With regards to adverse events, there're several key points to highlight here. If we look at any-cause adverse events, essentially all patients had at least one. Grade 3, 4 was similar between the two groups, 68% for atezo plus cabo compared to 62% for cabo alone. But when we look at serious adverse events, this is where we see some differences which are important to point. Serious adverse events, 48% for the combination arm compared to 33% for the cabozantinib alone arm. Serious adverse events related to treatment, 24% for atezo plus cabo compared to 12% for cabo alone and adverse events leading to withdrawal from the trial, 16% for the combination arm and only 4% for cabo alone. So we do see that there's some additional toxicity leading to serious adverse events with the addition of atezolizumab. Most common adverse events was diarrhea, 65% in the combination arm and 71% in the cabo alone arm.

CONTACT-03 is the first randomized phase III trial in patients with any type of cancer to examine the safety and efficacy of rechallenge PD-1 inhibitor following progression or previous PD-1 or PD-L1 therapy. These results showed an absence of benefit and increased toxicity with continuation of PD-L1 inhibitor use in patients receiving TKI therapy for checkpoint inhibitor resistant renal cell carcinoma. Adding atezolizumab led to an absolute increase of 15 percentage points in the rate of serious adverse events and an absolute increase of eight percentage points in treatment-related grade 3, 4 adverse events versus cabozantinib alone. This suggests that routine use of checkpoint inhibitor rechallenge outside of clinical trials should be discouraged. However, we have the ongoing phase III TiNivo study comparing tivozanib plus or minus nivolumab in patients with metastatic RCC with previous checkpoint inhibitor exposure, which will provide additional data and hopefully find a benefit in this disease space.
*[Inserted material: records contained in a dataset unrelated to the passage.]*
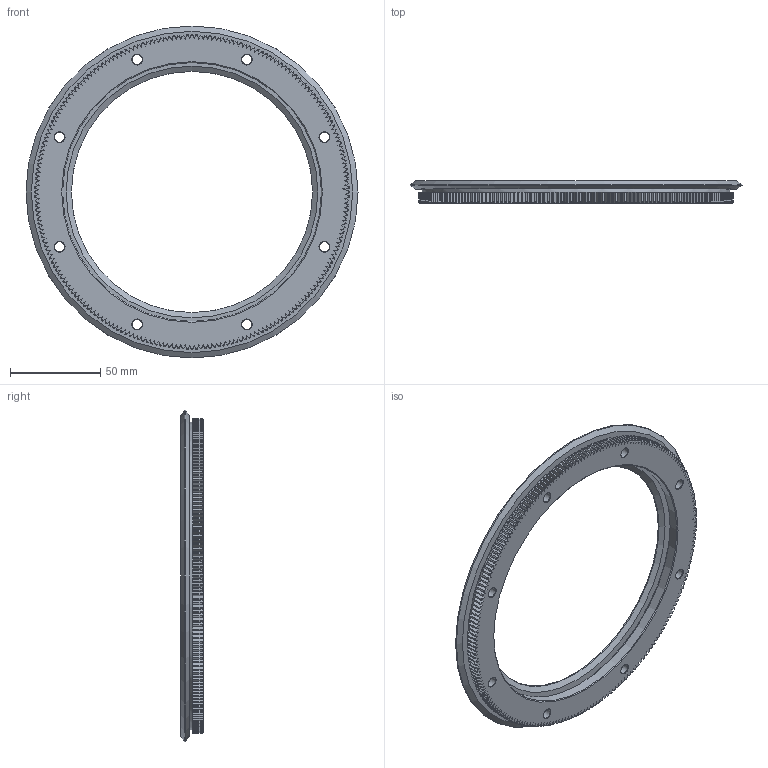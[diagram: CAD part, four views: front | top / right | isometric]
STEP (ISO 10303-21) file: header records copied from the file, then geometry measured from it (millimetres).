
FILE_DESCRIPTION( ( 'STEP AP203' ), '1' );
FILE_NAME( 'p:/temp/worker_56/temp/exporttempdir_3996_1864_HP7Tj/format_0/R25 159 R360 P.stp', '2021-08-30T04:11:58', ( 'License CC BY-ND 4.0' ), ( 'CADENAS' ), ' ', 'PARTsolutions', ' ' );
FILE_SCHEMA( ( 'CONFIG_CONTROL_DESIGN' ) );
Length unit declared in the file: millimetre
Products named in the file (1): _R25 159 R360 P
Bounding box: 184.19 x 12.25 x 184.19 mm (x, y, z)
Volume: 99239.1 mm3; surface area: 43370.5 mm2
Topology: 1 solids, 1 shells, 1343 faces, 3545 edges, 2215 vertices
Faces by surface type: plane 877, cylinder 235, cone 229, torus 2
Full cylindrical faces by diameter (mm): 5.5 x8, 9 x8, 143.6 x1, 148 x1, 170.4 x1
Entity records: 41514 total; most frequent: CARTESIAN_POINT 8389, ORIENTED_EDGE 7020, DIRECTION 6900, EDGE_CURVE 3510, AXIS2_PLACEMENT_3D 2478, VERTEX_POINT 2215, LINE 1944, VECTOR 1944
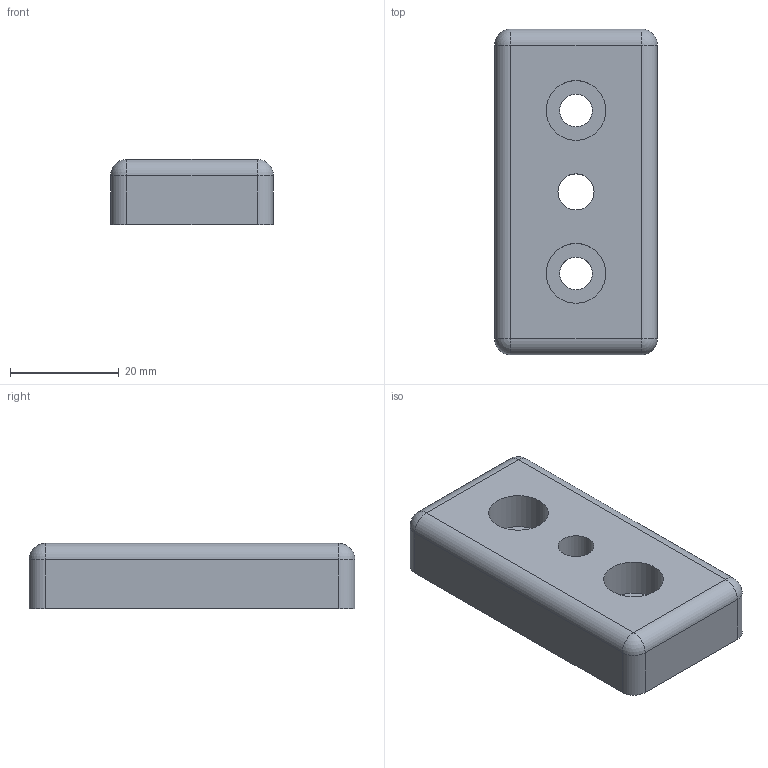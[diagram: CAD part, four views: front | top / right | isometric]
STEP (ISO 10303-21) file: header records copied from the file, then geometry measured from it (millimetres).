
FILE_DESCRIPTION(/* description */ ('STEP AP214'),/* implementation_level */ '2;1');
FILE_NAME(/* name */ 'Transport and Base Plate GN 80i-30606M8-A-ZS',/* time_stamp */ '2024-08-22T14:59:47+02:00',/* author */ ('License CC BY-ND 4.0'),/* organization */ ('CADENAS'),/* preprocessor_version */ 'ST-DEVELOPER v19.3',/* originating_system */ 'PARTsolutions',/* authorisation */ ' ');
FILE_SCHEMA (('AUTOMOTIVE_DESIGN {1 0 10303 214 3 1 1}'));
Length unit declared in the file: millimetre
Products named in the file (1): Transport and Base Plate GN 80i-30606M8-A-ZS
Bounding box: 30 x 60 x 12 mm (x, y, z)
Volume: 19148.1 mm3; surface area: 6194 mm2
Topology: 1 solids, 1 shells, 25 faces, 55 edges, 30 vertices
Faces by surface type: cylinder 13, plane 8, sphere 4
Full cylindrical faces by diameter (mm): 6 x2, 6.647 x1, 11 x2
Entity records: 672 total; most frequent: DIRECTION 124, CARTESIAN_POINT 102, ORIENTED_EDGE 92, AXIS2_PLACEMENT_3D 52, EDGE_CURVE 46, EDGE_LOOP 38, FACE_BOUND 38, VERTEX_POINT 30
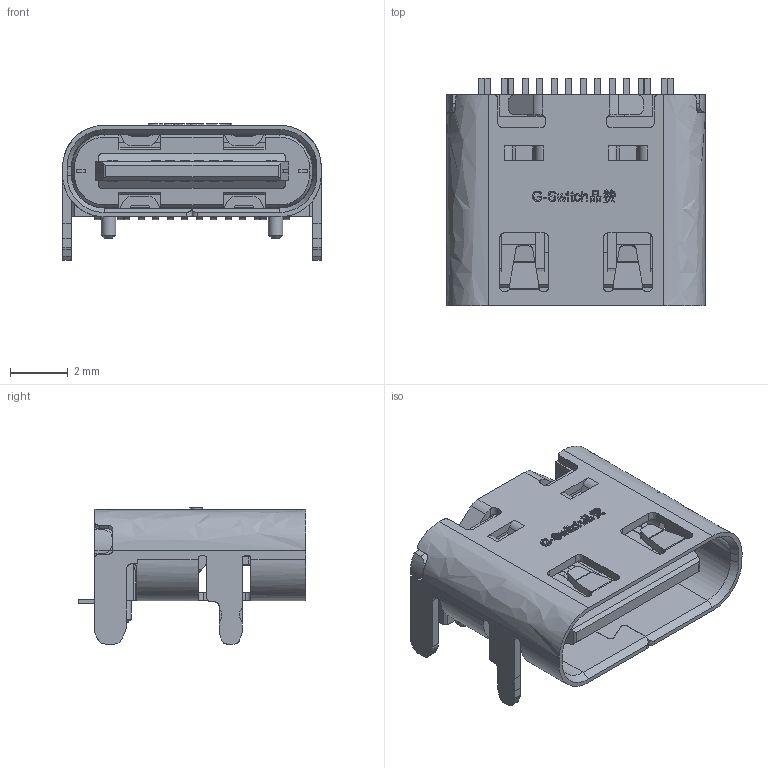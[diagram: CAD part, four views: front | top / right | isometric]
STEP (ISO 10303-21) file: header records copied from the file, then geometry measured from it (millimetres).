
FILE_DESCRIPTION (( 'STEP AP203' ), '1' );
FILE_NAME ('GT-USB-9010AB.STEP', '2023-10-26T04:05:04', ( 'Microsoft' ), ( 'Microsoft' ), 'SwSTEP 2.0', 'SolidWorks 2023', '' );
FILE_SCHEMA (( 'CONFIG_CONTROL_DESIGN' ));
Products named in the file (1): GT-USB-9010AB
Bounding box: 8.94 x 7.87 x 4.71 mm (x, y, z)
Surface area: 928.7 mm2 (no closed solid volume)
Topology: 0 solids, 891 shells, 2470 faces, 11803 edges, 10056 vertices
Faces by surface type: bspline 2273, plane 197
Entity records: 116689 total; most frequent: CARTESIAN_POINT 56379, ORIENTED_EDGE 15446, EDGE_CURVE 11811, B_SPLINE_CURVE_WITH_KNOTS 10181, VERTEX_POINT 10064, EDGE_LOOP 2575, FACE_OUTER_BOUND 2470, ADVANCED_FACE 2468
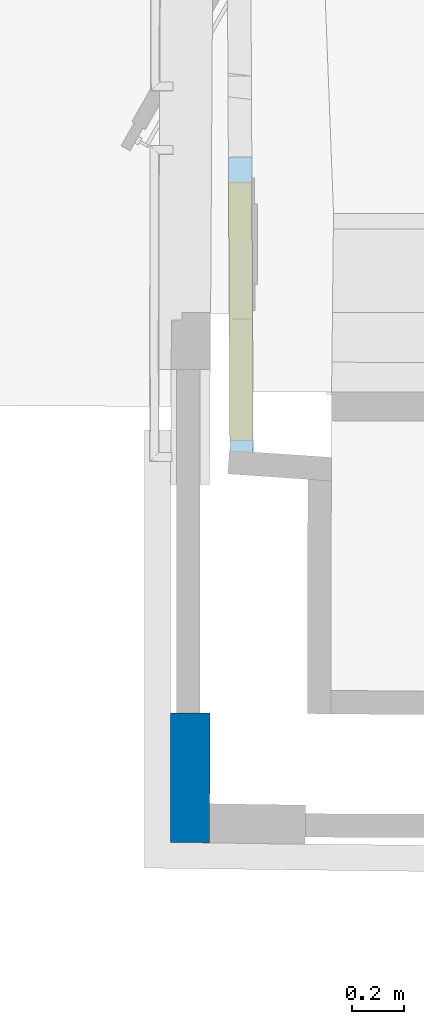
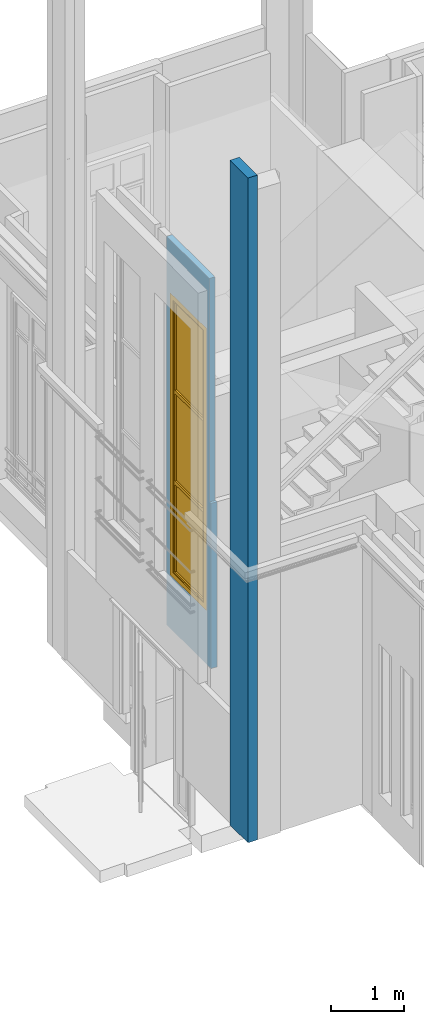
# One storey, part 46 of 97: 1 wall, 1 window, 1 opening, plus 1 element that does not belong to this part.
"""IFC2X3 building model written with IfcOpenShell, lengths in centimetres."""

from ifc_helpers import new_model, entity, si_unit, converted_unit, direction, frame, origin, origin_with_axes, place, context, subcontext, project, spatial, polyline, outline, extrude, clip, bounded_halfspace, faceted_brep, shape, source, transform, mapped, material, material_list, layer, layer_set, layer_usage, type_object, element, fill, save


model = new_model("IFC2X3")

# Units and contexts
model_context = context("Model", 3, precision=0.0001, world=origin(), true_north=direction((0.225632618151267, 0.974212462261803, 0.0)))
body_context = subcontext(model_context, "Body", "Model", "MODEL_VIEW")
footprint_context = subcontext(model_context, "FootPrint", "Model", "MODEL_VIEW")
profile_context = subcontext(model_context, "Profile", "Model", "MODEL_VIEW")
ifc_project = project(units=[si_unit("LENGTHUNIT", "METRE", prefix="CENTI"), si_unit("AREAUNIT", "SQUARE_METRE", prefix="CENTI"), si_unit("VOLUMEUNIT", "CUBIC_METRE", prefix="CENTI"), converted_unit("PLANEANGLEUNIT", "DEGREE", entity("IfcRatioMeasure", 0.0174532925), si_unit("PLANEANGLEUNIT", "RADIAN"), dimensions=[0, 0, 0, 0, 0, 0, 0])], contexts=[model_context])

# Site, building, storey
site_placement = place(None, origin_with_axes())
site = spatial("IfcSite", under=ifc_project, at=site_placement, Name="Default Site", CompositionType="ELEMENT")
building_placement = place(site_placement, origin_with_axes())
building = spatial("IfcBuilding", under=site, at=building_placement, Name="Default Building", CompositionType="ELEMENT")
storey_placement = place(building_placement, origin_with_axes())
storey = spatial("IfcBuildingStorey", under=building, at=storey_placement, Name="Rez-de-chaussée", CompositionType="ELEMENT", Elevation=0.0)

# Wall
ifc_material_1 = material(Name="<aucun>")
ifc_layer_1 = layer(ifc_material_1, 15.0)
ifc_layer_set_1 = layer_set([ifc_layer_1], Name="default")
ifc_layer_usage_1 = layer_usage(ifc_layer_set_1, "AXIS2", "POSITIVE", -7.5)
wall_type_1 = type_object("IfcWallType", Name="default 150", PredefinedType="NOTDEFINED", material=ifc_layer_set_1)
wall_1_placement = place(storey_placement, frame((-1354.3958869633, -342.848081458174, 0.0128503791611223), z_axis=(0.0, 0.0, 1.0), x_axis=(0.000888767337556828, 0.999999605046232, 0.0)))
element("IfcWall", 1, at=wall_1_placement, inside=storey, type_object=wall_type_1, material=ifc_layer_usage_1, Name="Enveloppe 374872", context=body_context, shape_type="Brep", body=[
    faceted_brep([(49.5653876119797, 7.49995566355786, -4.62918597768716e-10), (0.00136408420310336, 7.49995566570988, -4.62918597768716e-10), (0.00136408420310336, 7.49995566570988, 1118.9591650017), (49.5653876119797, 7.49995566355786, 1118.9591650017), (49.6575127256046, 5.21961061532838, 182.782507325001), (49.565387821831, 5.21953010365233, 182.782507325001), (49.565387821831, 5.21953010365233, 841.897511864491), (49.6575127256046, 5.21961061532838, 841.897511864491), (49.6575127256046, 5.21961061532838, 568.897509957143), (49.6653694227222, 4.10543945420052, 853.897500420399), (49.5653765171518, 4.10547465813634, 853.897500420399), (49.5653765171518, 4.10547465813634, 1118.9591650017), (49.6653694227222, 4.10543945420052, 1118.9591650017), (49.6653694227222, 4.10543945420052, 1022.89755382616), (14.7921948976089, -7.50001834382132, 1108.83400478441), (2.02563788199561, -7.50001834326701, 1096.94273510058), (2.02563788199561, -7.50001834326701, -4.62918597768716e-10), (14.7921948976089, -7.50001834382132, -4.62918597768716e-10), (49.5653676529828, -7.50001834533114, -4.62918597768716e-10), (49.5653676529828, -7.50001834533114, 1118.9591650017), (2.02563788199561, -7.50001834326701, 1118.9591650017), (2.02563788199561, -7.50001611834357, 1096.94273510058), (-0.209274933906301, -7.50001611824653, 1094.86105480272), (-0.209274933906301, -7.50001611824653, -4.62918597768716e-10), (2.02563788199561, -7.50001611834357, -4.62918597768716e-10), (2.02563788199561, -7.50001611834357, 1118.9591650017), (-0.209274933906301, -7.50001611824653, 1118.9591650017), (49.565375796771, -3.78039471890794, 182.782507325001), (49.6653685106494, -3.78030733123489, 182.782507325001), (49.6653685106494, -3.78030733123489, 568.897509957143), (49.6653685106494, -3.78030733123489, 841.897511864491), (49.565375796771, -3.78039471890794, 841.897511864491), (49.5653884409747, -4.89447748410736, 853.897500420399), (49.6622102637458, -4.89451157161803, 853.897500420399), (49.6622102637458, -4.89451157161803, 1022.89755382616), (49.6622102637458, -4.89451157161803, 1118.9591650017), (49.5653884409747, -4.89447748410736, 1118.9591650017), (-0.0312843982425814, 5.17621175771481, -4.62918597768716e-10), (0.00136408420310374, 7.4999645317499, -4.62918597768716e-10), (49.5653878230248, 5.21952873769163, -4.62918597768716e-10), (2.03725821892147, 5.17805021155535, -4.62918597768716e-10), (2.03725821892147, 5.17805021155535, 1118.9591650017), (49.5653878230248, 5.21952873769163, 1118.9591650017), (0.00136408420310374, 7.4999645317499, 1118.9591650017), (-0.0312843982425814, 5.17621175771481, 1118.9591650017), (49.5653878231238, 7.49995566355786, -4.62918597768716e-10), (49.5653878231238, 7.49995566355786, 1118.9591650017), (49.5653878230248, 5.21952873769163, 841.897511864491), (49.5653878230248, 5.21952873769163, 182.782507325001), (49.5653765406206, 4.10554131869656, -4.62918597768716e-10), (49.565375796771, -3.78039471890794, -4.62918597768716e-10), (49.5653884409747, -4.89447748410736, -4.62918597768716e-10), (49.5653676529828, -7.50001213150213, -4.62918597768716e-10), (14.7921948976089, -7.50001834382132, 1118.9591650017), (49.5653676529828, -7.50001213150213, 1118.9591650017), (49.565375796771, -3.78039471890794, 1118.9591650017), (49.5653765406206, 4.10554131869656, 1118.9591650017), (49.5653676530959, -4.89447748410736, -4.62918597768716e-10), (49.5653676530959, -4.89447748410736, 853.897500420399), (49.5653676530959, -4.89447748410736, 1118.9591650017), (49.565375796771, -3.78039471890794, 853.897500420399), (49.5653757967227, -4.89447748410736, 853.897500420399), (49.5653757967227, -4.89447748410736, -4.62918597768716e-10), (49.5653765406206, 4.10554131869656, 182.782507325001), (49.5653765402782, -3.78039471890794, 182.782507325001), (49.5653765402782, -3.78039471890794, -4.62918597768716e-10), (49.5653765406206, 4.10554131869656, 853.897500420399), (49.5653765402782, -3.78039471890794, 853.897500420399), (49.5653765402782, -3.78039471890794, 841.897511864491), (49.5653765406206, 4.10554131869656, 841.897511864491), (49.5653878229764, 4.10554131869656, 182.782507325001), (49.5653878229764, 4.10554131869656, -4.62918597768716e-10), (49.5653878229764, 4.10554131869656, 1118.9591650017), (49.5653878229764, 4.10554131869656, 853.897500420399), (49.5653878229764, 4.10554131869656, 841.897511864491), (-0.2092749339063, -7.49999971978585, -4.62918597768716e-10), (-0.2092749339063, -7.49999971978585, 1118.9591650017), (49.6653685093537, -3.78030584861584, 182.782507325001), (49.6653694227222, 4.10543945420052, 182.782507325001), (49.663789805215, -0.394475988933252, 182.782507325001), (49.6634035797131, -1.51580703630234, 182.782507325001), (49.6634035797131, -1.51580703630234, 841.897511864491), (49.663789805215, -0.394475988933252, 841.897511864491), (49.6653694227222, 4.10543945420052, 841.897511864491), (49.6653685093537, -3.78030584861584, 841.897511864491), (49.663789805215, -0.394475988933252, 568.897509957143), (49.6633950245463, -1.51580703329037, 568.897509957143), (49.6633950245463, -1.51580703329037, 182.782507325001), (49.6634035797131, -1.51580703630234, 568.897509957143), (49.6653826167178, -3.78030583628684, 568.897509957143), (49.6653826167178, -3.78030583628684, 182.782507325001), (49.6653694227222, 4.10543945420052, 568.897509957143), (49.6637851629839, -0.394475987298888, 568.897509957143), (49.6637851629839, -0.394475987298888, 182.782507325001), (49.6633950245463, -1.51580703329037, 841.897511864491), (49.6637851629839, -0.394475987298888, 841.897511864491), (49.6653826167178, -3.78030583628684, 841.897511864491), (49.6653782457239, 4.10543951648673, 841.897511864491), (49.6653782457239, 4.10543951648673, 568.897509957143), (49.6653782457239, 4.10543951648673, 182.782507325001), (49.6653685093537, -3.78030584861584, 853.897500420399), (49.6634035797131, -1.51580703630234, 853.897500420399), (49.6634035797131, -1.51580703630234, 1118.9591650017), (49.6653685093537, -3.78030584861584, 1118.9591650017), (49.6633903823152, -1.51580703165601, 1022.89755382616), (49.6633903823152, -1.51580703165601, 853.897500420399), (49.6634035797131, -1.51580703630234, 1022.89755382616), (49.6653826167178, -3.78030583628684, 1022.89755382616), (49.6653826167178, -3.78030583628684, 853.897500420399), (49.6633903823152, -1.51580703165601, 1118.9591650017), (49.6653826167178, -3.78030583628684, 1118.9591650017), (49.6622102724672, -4.89448679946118, 853.897500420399), (49.6622102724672, -4.89448679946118, 1118.9591650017), (49.6653685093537, -3.78030584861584, 1022.89755382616), (49.6621999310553, -4.89448677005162, 1022.89755382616), (49.6621999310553, -4.89448677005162, 853.897500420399), (49.6621999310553, -4.89448677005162, 1118.9591650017), (-0.0312665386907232, 5.17621150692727, -4.62918597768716e-10), (-0.0312665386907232, 5.17621150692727, 1118.9591650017), (-0.209286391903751, -7.49999955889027, -4.62918597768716e-10), (-0.209286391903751, -7.49999955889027, 1094.86105480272), (-0.209286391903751, -7.49999955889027, 1118.9591650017)], [[[0, 1, 2, 3]], [[4, 5, 6, 7, 8]], [[9, 10, 11, 12, 13]], [[14, 15, 16, 17]], [[17, 18, 19, 20, 15, 14]], [[21, 22, 23, 24]], [[25, 26, 22, 21]], [[27, 28, 29, 30, 31]], [[32, 33, 34, 35, 36]], [[37, 38, 0, 39, 40]], [[41, 42, 3, 43, 44]], [[39, 45, 46, 42, 47, 48]], [[39, 49, 50, 51, 52, 17, 24, 40]], [[41, 25, 53, 54, 36, 55, 56, 42]], [[52, 57, 58, 59, 54]], [[60, 61, 62, 50, 27, 31]], [[63, 64, 65, 49]], [[66, 67, 68, 69]], [[48, 70, 71, 39]], [[42, 72, 73, 74, 47]], [[37, 40, 24, 75]], [[76, 25, 41, 44]], [[77, 27, 63, 78, 79, 80]], [[81, 82, 83, 69, 31, 84]], [[85, 86, 87, 79]], [[88, 89, 90, 80]], [[91, 92, 93, 78]], [[82, 94, 86, 85]], [[83, 95, 92, 91]], [[81, 96, 89, 88]], [[4, 78, 63, 48]], [[47, 69, 83, 7]], [[7, 97, 98, 8]], [[8, 98, 99, 4]], [[100, 60, 66, 9, 101]], [[102, 12, 56, 55, 103]], [[13, 104, 105, 9]], [[106, 107, 108, 101]], [[12, 109, 104, 13]], [[102, 110, 107, 106]], [[32, 60, 100, 111]], [[112, 103, 55, 36]], [[113, 114, 115, 100]], [[103, 116, 114, 113]], [[38, 117, 118, 43]], [[37, 119, 120, 121, 44]]]),
])

# Wall, opening, window
ifc_layer_2 = layer(ifc_material_1, 9.0)
ifc_layer_set_2 = layer_set([ifc_layer_2], Name="default")
ifc_layer_usage_2 = layer_usage(ifc_layer_set_2, "AXIS2", "POSITIVE", -4.5)
wall_type_2 = type_object("IfcWallType", Name="default 90", PredefinedType="NOTDEFINED", material=ifc_layer_set_2)
wall_2_placement = place(storey_placement, frame((-1334.68678230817, -192.722181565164, 200.0), z_axis=(0.0, 0.0, 1.0), x_axis=(-0.00503871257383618, 0.999987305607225, 0.0)))
wall_2 = element("IfcWallStandardCase", 2, at=wall_2_placement, inside=storey, type_object=wall_type_2, material=ifc_layer_usage_2, Name="Enveloppe 603926", context=body_context, shape_type="Clipping", body=[
    clip(clip(extrude(outline(polyline([(112.431436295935, 4.49999999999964), (-8.99033163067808, 4.49999999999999), (-9.64405295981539, -4.50000000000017), (112.431436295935, -4.50000000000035), (112.431436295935, 4.49999999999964)])), origin_with_axes(), (0.0, 0.0, 1.0), 653.910374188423), bounded_halfspace(frame((-5.59764722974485, -4.49999999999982, 277.808208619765), z_axis=(0.0, 0.0, -1.0), x_axis=(0.100311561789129, 0.994956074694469, 0.0)), True, frame((-5.59764722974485, -4.49999999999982, 277.808208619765), z_axis=(0.0, 0.0, 1.0), x_axis=(1.0, 0.0, 0.0)), polyline([(-4.04640573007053, 0.0), (0.0, 1.77635683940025e-13), (0.907380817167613, 8.99999999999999), (-3.39268440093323, 9.00000000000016), (-4.04640573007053, 0.0)]))), bounded_halfspace(frame((-5.50662644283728, -3.5971959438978, 277.808208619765), z_axis=(0.0, 0.0, -1.0), x_axis=(-0.100311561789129, -0.994956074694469, 0.0)), True, frame((-5.50662644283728, -3.5971959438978, 277.808208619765), z_axis=(0.0, 0.0, 1.0), x_axis=(1.0, 0.0, 0.0)), polyline([(-0.0910207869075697, -0.902804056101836), (8.95460467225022, -0.902804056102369), (0.0, 1.77635683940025e-13), (-0.0910207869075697, -0.902804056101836)]))),
])
opening_placement = place(wall_2_placement, frame((3.87075384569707, -2.27373675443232e-13, 90.0000000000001), z_axis=(0.0, 0.0, 1.0), x_axis=(-1.0, 1.97758476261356e-16, 0.0)))
cartesian_point_1 = entity("IfcCartesianPoint", [-4.44089209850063e-14, 0.0, 475.0])
cartesian_point_2 = entity("IfcCartesianPoint", [-99.0415985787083, -4.49999999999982])
opening = element("IfcOpeningElement", 3, at=opening_placement, cuts=wall_2, Name="4294966496_11", ObjectType="Opening", shapes=[
    shape(body_context, "Body", "SweptSolid", [extrude(outline(polyline([(4.44089209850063e-14, 475.0), (0.0, 4.44089209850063e-14), (99.0415985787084, 4.44089209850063e-14), (99.0415985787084, 475.0), (4.44089209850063e-14, 475.0)])), frame((0.0, -14.5, 0.0), z_axis=(0.0, 1.0, 0.0), x_axis=(-1.0, 0.0, 0.0)), (0.0, 0.0, 1.0), 29.0000000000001)]),
    shape(profile_context, "Profile", "GeometricCurveSet", [entity("IfcGeometricCurveSet", [entity("IfcPolyline", [cartesian_point_1, entity("IfcCartesianPoint", [0.0, 0.0, 4.44089209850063e-14]), entity("IfcCartesianPoint", [-99.0415985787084, 0.0, 4.44089209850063e-14]), entity("IfcCartesianPoint", [-99.0415985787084, 0.0, 475.0]), cartesian_point_1])])]),
    shape(footprint_context, "FootPrint", "GeometricCurveSet", [entity("IfcGeometricCurveSet", [entity("IfcPolyline", [cartesian_point_2, entity("IfcCartesianPoint", [2.22044604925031e-14, -4.49999999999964]), entity("IfcCartesianPoint", [6.66133814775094e-14, 4.50000000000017]), entity("IfcCartesianPoint", [-99.0415985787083, 4.50000000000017]), cartesian_point_2])])]),
])
ifc_material_2 = material(Name="Transparent")
ifc_material_3 = material(Name="Blanc trafic")
ifc_material_list = material_list([ifc_material_2, ifc_material_3])
window_style = type_object("IfcWindowStyle", Name="Fn 1 montant fixe 2 vitres ép 90", ConstructionType="NOTDEFINED", OperationType="TRIPLE_PANEL_HORIZONTAL", ParameterTakesPrecedence=True, Sizeable=False, material=ifc_material_list)
shared_shape = source(origin_with_axes(), body_context, "Body", "Brep", [
    faceted_brep([(-41.5207982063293, 467.000007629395, -4.50000017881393), (-41.5207982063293, 467.000007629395, 4.50000017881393), (-41.5207982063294, 7.99999982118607, 4.50000017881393), (-41.5207982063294, 7.99999982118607, -4.50000017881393), (-49.5207995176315, 475.0, 4.50000017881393), (-49.5207995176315, 2.22044604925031e-14, 4.50000017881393), (-41.5207982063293, 7.99999982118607, 4.50000017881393), (-49.5207995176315, 475.0, -4.50000017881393), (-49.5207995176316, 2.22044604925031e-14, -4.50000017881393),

However, CONTACT-03 is practice changing. Currently, we know that anti-PD-1 or PD-L1 should not be used after progression on prior PD-1 or PD-L1, and we must continue looking for novel targets. So in conclusion, the data from CONTACT-03 do not support the addition of atezolizumab to targeted therapy beyond progression on previous checkpoint inhibition in patients with RCC. This is despite encouraging phase II data that supported this approach. So it shows the importance of performing phase III trials. This data highlights the importance of randomized prospective assessment of rechallenge with checkpoint inhibitors in patients with RCC and highlights the importance of further research and clarifying the role of immunotherapy in other tumor types. We thank you very much for your attention. We hope you enjoyed this UroToday Journal Club discussion of the CONTACT-03 trial recently published in The Lancet.